■ **What the task asks**: Here are the records. Write out exactly the lines between the one holding "[diagram p2: 2_EM359x_REF_DES_CER_USB_Block.SchDoc, right]" and the one holding "- Ceramic Balun", inclusive.

■ **Data to examine**:
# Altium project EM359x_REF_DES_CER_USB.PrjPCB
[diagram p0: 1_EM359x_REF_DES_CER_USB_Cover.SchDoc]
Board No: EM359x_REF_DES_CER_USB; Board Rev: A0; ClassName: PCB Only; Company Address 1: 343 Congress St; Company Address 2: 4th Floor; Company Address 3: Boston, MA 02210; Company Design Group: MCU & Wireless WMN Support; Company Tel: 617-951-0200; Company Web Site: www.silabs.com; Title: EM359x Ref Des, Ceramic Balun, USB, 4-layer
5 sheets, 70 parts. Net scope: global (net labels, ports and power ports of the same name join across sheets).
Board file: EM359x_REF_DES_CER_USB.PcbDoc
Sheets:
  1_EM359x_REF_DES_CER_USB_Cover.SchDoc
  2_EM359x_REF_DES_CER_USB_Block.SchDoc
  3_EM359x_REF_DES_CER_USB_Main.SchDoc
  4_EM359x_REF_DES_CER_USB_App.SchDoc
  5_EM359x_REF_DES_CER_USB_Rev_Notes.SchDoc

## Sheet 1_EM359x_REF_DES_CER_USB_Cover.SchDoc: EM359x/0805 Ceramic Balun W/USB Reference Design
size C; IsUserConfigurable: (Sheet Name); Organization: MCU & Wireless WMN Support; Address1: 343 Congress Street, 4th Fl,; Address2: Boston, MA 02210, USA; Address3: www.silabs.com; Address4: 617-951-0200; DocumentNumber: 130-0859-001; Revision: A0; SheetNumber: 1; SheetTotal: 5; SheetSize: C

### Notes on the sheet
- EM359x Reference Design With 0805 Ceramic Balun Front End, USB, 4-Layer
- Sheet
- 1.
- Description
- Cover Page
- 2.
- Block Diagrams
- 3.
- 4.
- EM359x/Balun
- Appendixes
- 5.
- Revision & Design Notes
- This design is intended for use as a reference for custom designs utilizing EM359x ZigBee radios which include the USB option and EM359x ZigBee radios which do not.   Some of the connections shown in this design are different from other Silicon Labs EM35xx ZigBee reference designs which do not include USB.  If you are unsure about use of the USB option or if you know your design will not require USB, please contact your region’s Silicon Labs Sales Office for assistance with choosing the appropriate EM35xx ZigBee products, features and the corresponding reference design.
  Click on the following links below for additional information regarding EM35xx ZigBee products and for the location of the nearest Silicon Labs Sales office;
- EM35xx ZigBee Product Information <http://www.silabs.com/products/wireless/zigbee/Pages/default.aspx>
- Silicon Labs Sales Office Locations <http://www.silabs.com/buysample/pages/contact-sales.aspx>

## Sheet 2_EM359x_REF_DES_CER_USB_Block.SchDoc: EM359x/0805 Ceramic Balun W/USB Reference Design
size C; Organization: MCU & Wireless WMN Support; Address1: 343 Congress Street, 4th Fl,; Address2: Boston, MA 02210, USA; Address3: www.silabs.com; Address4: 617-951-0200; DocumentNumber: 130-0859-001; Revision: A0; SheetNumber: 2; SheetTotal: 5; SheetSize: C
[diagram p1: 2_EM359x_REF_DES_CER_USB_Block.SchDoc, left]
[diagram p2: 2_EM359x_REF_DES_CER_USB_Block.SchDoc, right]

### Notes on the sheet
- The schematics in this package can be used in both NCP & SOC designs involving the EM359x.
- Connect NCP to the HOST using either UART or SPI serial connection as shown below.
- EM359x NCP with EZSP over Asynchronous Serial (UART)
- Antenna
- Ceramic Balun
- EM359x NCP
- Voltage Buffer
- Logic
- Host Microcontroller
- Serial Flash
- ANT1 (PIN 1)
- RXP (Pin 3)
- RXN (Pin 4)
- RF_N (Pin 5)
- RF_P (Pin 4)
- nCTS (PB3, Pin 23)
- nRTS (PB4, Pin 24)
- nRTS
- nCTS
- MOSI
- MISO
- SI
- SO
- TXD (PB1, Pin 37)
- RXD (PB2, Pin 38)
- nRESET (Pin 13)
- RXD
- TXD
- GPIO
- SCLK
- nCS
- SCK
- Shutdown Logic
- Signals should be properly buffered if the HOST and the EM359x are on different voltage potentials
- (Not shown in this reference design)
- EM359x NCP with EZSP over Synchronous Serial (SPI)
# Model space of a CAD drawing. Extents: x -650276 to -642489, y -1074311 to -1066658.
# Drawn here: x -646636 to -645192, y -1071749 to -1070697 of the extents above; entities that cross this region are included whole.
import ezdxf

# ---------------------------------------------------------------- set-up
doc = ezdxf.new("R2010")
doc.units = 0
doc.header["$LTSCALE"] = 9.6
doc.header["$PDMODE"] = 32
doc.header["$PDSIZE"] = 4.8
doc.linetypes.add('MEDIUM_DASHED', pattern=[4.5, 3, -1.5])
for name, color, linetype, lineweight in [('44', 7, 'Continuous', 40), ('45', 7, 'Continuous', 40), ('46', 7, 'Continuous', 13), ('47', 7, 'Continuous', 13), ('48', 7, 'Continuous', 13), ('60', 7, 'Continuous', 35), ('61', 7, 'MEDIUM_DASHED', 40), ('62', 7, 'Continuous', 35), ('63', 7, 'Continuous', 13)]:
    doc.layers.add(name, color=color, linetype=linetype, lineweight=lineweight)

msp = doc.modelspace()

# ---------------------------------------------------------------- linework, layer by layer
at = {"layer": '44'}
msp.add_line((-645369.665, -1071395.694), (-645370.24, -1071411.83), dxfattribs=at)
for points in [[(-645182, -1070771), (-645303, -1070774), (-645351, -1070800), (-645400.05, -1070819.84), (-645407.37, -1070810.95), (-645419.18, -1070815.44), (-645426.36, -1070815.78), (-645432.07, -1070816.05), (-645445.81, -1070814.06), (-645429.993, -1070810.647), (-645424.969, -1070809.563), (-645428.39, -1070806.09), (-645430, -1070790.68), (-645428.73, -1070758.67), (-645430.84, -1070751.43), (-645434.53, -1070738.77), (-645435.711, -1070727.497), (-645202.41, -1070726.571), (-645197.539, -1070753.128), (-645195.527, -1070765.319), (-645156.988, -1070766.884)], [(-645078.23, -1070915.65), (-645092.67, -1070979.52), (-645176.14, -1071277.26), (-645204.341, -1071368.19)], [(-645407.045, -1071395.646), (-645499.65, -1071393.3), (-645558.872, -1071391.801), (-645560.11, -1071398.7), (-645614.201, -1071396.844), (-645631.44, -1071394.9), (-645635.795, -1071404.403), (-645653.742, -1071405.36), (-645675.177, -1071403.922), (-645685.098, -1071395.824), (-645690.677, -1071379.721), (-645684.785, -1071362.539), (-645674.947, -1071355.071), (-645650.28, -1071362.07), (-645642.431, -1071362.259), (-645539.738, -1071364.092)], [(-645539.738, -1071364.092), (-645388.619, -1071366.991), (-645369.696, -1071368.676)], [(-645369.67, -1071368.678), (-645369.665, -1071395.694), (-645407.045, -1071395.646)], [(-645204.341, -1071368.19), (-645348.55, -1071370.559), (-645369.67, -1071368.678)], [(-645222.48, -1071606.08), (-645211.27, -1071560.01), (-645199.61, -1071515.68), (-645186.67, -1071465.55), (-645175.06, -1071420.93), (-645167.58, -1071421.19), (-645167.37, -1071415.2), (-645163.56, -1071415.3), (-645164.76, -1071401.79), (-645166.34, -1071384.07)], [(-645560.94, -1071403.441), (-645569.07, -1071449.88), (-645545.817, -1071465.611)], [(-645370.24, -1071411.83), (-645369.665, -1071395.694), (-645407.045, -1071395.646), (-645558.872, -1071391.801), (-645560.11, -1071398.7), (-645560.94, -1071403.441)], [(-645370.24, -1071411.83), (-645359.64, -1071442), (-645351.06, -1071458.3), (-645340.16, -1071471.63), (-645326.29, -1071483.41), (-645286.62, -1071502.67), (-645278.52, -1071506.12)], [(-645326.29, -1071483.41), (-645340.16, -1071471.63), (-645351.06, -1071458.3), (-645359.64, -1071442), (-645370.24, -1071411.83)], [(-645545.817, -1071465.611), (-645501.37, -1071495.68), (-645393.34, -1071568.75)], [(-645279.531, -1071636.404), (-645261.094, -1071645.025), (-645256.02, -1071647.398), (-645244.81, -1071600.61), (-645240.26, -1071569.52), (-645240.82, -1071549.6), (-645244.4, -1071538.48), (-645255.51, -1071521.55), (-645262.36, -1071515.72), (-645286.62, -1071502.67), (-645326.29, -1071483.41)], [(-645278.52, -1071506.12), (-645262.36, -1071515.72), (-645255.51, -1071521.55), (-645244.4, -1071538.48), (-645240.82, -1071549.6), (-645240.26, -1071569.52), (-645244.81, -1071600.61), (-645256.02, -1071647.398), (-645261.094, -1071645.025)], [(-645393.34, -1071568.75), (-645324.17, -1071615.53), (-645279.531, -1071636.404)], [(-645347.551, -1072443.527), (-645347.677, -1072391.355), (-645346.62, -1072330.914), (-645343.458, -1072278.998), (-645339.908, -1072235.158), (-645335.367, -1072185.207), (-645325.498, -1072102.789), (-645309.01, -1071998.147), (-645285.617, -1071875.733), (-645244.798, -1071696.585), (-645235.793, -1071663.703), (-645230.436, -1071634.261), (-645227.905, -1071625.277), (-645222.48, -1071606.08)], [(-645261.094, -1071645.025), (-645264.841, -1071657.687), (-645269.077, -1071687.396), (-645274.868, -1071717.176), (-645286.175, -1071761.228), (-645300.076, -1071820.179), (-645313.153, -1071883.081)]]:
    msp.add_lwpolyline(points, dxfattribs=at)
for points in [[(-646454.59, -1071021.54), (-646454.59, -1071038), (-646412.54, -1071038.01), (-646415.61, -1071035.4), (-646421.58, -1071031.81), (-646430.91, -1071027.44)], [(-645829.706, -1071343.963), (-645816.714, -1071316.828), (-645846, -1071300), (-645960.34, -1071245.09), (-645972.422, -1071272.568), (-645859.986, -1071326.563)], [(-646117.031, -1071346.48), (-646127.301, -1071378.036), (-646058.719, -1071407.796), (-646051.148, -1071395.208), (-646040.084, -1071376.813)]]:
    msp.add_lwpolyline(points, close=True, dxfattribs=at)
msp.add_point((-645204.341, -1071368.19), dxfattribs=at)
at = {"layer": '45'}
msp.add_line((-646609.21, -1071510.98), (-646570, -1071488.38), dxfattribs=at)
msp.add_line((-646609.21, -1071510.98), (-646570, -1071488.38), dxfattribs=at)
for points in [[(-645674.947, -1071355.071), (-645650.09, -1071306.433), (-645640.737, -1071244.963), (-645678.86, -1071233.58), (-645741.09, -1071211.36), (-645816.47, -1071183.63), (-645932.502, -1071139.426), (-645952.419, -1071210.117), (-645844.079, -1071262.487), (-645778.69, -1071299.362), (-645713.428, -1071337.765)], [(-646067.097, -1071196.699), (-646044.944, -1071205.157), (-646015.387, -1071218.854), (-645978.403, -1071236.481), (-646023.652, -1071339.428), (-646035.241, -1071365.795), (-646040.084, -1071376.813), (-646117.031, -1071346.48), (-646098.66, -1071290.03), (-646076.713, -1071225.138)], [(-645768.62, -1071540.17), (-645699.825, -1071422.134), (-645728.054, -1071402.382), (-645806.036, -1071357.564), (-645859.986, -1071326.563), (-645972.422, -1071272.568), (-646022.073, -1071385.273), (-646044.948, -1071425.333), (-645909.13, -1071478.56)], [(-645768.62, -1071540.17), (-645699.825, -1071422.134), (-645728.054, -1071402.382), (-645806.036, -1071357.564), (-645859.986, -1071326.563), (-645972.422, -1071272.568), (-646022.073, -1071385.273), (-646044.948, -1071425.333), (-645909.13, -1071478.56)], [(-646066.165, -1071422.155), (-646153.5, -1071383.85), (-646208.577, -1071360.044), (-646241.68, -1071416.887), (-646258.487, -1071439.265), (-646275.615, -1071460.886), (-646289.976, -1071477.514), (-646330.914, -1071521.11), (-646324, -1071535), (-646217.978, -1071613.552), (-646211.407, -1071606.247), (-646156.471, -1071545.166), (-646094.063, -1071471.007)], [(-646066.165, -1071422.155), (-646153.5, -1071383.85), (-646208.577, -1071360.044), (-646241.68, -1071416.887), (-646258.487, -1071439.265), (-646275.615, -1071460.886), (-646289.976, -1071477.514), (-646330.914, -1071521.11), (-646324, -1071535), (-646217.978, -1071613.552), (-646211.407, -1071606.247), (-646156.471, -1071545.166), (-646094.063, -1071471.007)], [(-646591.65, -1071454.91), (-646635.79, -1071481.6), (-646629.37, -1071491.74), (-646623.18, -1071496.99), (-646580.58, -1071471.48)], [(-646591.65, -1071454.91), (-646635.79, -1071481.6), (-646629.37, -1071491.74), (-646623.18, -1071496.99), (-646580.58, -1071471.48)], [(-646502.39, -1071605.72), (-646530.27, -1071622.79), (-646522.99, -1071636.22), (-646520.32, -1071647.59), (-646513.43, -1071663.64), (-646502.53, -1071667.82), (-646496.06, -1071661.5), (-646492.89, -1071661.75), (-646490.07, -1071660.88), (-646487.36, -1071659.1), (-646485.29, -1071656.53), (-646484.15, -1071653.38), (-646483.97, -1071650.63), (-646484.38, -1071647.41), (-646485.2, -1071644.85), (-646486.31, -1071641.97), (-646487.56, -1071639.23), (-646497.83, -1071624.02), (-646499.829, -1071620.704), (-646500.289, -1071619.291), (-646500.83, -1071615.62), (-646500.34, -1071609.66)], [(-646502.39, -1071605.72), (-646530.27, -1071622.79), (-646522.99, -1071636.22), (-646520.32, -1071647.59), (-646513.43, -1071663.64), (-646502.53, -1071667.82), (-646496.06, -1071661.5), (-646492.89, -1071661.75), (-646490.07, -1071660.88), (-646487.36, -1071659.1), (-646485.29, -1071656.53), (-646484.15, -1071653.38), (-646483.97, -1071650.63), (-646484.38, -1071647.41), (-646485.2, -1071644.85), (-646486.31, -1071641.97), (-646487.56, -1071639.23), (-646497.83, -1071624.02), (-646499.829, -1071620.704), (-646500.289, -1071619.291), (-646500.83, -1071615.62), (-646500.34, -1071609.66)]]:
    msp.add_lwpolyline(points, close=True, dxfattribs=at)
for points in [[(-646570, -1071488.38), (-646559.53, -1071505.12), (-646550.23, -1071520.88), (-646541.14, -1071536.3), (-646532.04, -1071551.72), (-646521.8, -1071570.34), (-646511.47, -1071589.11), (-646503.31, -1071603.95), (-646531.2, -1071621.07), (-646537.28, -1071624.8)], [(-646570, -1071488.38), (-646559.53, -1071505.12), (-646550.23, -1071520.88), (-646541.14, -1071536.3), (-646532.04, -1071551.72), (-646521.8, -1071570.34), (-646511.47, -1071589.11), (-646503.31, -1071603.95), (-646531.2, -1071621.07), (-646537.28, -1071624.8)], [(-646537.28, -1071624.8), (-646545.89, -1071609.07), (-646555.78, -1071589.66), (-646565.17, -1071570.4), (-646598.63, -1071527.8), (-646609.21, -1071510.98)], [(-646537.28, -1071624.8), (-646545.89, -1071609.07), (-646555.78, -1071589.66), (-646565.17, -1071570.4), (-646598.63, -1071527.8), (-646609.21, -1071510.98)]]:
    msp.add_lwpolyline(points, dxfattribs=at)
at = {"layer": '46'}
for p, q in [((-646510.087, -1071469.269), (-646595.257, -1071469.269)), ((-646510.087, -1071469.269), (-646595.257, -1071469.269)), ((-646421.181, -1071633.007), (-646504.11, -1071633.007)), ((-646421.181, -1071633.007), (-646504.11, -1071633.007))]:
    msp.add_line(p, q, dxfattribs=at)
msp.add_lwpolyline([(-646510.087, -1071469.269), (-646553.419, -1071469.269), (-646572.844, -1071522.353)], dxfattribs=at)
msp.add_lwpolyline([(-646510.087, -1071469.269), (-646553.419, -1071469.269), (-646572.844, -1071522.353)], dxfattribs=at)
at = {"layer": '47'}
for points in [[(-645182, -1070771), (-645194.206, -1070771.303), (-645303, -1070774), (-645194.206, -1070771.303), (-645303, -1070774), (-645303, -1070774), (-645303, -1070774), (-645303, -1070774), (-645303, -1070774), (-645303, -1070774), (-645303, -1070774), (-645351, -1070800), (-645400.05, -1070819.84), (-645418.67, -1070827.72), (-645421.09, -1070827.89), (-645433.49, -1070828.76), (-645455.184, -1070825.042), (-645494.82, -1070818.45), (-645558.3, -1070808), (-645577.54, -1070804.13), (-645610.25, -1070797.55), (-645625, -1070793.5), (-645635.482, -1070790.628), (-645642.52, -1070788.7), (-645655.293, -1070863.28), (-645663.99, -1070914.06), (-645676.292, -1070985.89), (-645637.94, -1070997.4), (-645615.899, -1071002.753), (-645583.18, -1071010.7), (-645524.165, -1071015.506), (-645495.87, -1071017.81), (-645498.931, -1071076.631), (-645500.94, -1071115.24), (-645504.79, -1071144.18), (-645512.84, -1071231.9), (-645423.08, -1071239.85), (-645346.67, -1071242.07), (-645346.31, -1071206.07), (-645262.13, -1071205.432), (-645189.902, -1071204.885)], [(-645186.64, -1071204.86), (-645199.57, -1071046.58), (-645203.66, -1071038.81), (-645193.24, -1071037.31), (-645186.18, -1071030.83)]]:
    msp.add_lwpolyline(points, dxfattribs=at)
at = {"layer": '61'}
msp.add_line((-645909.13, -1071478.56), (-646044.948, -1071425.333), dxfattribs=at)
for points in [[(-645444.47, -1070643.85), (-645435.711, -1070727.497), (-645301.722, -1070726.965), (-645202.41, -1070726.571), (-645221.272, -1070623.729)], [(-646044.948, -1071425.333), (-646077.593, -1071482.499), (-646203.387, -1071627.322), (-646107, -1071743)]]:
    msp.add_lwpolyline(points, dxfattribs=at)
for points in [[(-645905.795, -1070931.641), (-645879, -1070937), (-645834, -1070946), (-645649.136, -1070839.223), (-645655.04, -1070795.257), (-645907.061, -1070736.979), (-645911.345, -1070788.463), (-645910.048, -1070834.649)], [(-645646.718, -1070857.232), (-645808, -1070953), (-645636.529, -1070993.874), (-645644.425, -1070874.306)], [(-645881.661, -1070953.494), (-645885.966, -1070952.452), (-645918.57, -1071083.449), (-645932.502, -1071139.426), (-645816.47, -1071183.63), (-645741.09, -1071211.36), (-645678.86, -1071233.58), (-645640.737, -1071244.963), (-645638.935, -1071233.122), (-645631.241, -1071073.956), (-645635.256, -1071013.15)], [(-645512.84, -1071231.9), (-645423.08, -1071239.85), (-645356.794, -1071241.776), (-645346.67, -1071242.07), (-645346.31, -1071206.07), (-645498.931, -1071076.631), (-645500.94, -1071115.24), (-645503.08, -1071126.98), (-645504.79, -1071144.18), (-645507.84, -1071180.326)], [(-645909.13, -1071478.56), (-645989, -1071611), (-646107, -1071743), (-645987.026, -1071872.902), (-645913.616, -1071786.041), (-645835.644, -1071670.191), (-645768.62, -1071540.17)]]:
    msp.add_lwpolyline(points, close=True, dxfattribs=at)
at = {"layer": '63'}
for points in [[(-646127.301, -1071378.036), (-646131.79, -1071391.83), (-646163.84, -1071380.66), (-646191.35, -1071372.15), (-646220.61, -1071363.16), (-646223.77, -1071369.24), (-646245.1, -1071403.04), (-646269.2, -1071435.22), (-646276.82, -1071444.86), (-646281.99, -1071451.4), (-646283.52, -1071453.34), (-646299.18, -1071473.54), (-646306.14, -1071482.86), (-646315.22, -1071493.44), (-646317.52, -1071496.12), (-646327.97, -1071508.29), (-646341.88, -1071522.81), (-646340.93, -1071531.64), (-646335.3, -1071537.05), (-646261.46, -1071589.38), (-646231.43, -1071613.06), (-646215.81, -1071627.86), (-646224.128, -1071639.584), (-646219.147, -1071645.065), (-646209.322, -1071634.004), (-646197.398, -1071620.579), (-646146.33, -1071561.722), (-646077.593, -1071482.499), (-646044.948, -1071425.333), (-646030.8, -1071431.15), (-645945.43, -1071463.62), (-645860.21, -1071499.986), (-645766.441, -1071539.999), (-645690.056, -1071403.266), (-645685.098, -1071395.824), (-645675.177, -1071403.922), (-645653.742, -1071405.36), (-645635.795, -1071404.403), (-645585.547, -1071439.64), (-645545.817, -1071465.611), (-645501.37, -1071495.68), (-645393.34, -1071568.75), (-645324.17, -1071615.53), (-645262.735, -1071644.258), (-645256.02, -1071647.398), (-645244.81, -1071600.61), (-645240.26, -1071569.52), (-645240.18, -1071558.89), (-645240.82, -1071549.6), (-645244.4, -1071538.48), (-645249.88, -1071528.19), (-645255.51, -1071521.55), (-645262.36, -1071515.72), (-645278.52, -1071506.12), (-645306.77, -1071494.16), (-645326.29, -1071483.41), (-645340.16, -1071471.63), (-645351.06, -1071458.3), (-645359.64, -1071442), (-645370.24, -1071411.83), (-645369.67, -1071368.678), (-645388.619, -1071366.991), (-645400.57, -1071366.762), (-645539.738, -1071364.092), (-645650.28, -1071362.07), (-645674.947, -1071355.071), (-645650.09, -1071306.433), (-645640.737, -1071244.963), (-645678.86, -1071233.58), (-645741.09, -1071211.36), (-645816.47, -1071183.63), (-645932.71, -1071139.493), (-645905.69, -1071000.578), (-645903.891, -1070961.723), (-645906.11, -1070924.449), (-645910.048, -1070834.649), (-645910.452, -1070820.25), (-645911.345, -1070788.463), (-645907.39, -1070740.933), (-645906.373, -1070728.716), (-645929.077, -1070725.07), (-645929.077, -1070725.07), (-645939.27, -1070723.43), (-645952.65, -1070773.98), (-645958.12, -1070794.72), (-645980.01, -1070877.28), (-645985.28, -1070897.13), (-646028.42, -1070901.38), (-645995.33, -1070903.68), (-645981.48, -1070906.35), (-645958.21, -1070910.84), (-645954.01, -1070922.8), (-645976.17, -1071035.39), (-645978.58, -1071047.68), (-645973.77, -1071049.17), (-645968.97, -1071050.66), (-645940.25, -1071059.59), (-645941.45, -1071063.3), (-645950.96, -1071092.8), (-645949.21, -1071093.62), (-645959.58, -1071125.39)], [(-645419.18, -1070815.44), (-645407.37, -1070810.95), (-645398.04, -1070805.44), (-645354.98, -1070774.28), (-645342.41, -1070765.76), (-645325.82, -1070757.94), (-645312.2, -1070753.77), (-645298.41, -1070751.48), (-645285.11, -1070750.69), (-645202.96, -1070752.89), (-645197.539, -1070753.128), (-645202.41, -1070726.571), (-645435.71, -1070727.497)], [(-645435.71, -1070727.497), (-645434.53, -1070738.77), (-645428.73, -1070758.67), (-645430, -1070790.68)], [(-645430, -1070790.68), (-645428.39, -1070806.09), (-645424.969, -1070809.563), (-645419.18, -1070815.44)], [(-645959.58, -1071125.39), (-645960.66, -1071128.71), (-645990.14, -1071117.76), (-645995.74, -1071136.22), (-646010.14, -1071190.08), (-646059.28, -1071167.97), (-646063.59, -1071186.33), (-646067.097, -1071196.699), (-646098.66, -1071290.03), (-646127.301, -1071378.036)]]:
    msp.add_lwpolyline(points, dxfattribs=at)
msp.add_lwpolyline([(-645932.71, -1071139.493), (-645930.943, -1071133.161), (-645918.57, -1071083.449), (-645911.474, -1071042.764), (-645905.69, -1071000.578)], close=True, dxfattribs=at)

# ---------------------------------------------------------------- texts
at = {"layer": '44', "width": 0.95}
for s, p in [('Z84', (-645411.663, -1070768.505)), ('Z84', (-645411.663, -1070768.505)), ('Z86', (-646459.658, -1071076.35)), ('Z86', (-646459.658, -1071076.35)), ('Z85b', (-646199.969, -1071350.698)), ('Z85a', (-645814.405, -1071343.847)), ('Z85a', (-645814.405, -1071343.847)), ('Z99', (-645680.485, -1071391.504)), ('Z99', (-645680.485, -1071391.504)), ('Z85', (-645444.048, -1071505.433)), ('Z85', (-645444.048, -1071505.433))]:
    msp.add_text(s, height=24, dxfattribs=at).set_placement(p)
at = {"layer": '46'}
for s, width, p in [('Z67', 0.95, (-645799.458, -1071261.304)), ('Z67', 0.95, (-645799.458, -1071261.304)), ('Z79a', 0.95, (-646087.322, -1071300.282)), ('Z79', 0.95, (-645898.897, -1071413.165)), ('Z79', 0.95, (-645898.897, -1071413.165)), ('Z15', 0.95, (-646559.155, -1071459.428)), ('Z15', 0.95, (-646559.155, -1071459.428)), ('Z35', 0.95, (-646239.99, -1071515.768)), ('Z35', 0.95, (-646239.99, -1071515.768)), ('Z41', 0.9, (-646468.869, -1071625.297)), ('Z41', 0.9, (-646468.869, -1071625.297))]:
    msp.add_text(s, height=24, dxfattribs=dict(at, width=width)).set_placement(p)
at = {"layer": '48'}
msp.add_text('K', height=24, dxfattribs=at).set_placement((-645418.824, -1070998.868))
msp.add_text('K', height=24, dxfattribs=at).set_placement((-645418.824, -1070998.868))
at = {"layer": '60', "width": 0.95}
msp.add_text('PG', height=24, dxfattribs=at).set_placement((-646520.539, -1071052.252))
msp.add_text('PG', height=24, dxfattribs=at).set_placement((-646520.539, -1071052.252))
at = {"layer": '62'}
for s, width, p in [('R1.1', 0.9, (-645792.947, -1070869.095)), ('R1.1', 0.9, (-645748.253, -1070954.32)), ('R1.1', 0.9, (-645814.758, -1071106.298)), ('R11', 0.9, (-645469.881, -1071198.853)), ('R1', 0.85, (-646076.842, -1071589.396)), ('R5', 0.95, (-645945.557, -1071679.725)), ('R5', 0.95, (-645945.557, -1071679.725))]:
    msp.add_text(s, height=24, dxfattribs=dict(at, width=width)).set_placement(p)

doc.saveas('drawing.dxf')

■ **Response to the task**:
[diagram p2: 2_EM359x_REF_DES_CER_USB_Block.SchDoc, right]

### Notes on the sheet
- The schematics in this package can be used in both NCP & SOC designs involving the EM359x.
- Connect NCP to the HOST using either UART or SPI serial connection as shown below.
- EM359x NCP with EZSP over Asynchronous Serial (UART)
- Antenna
- Ceramic Balun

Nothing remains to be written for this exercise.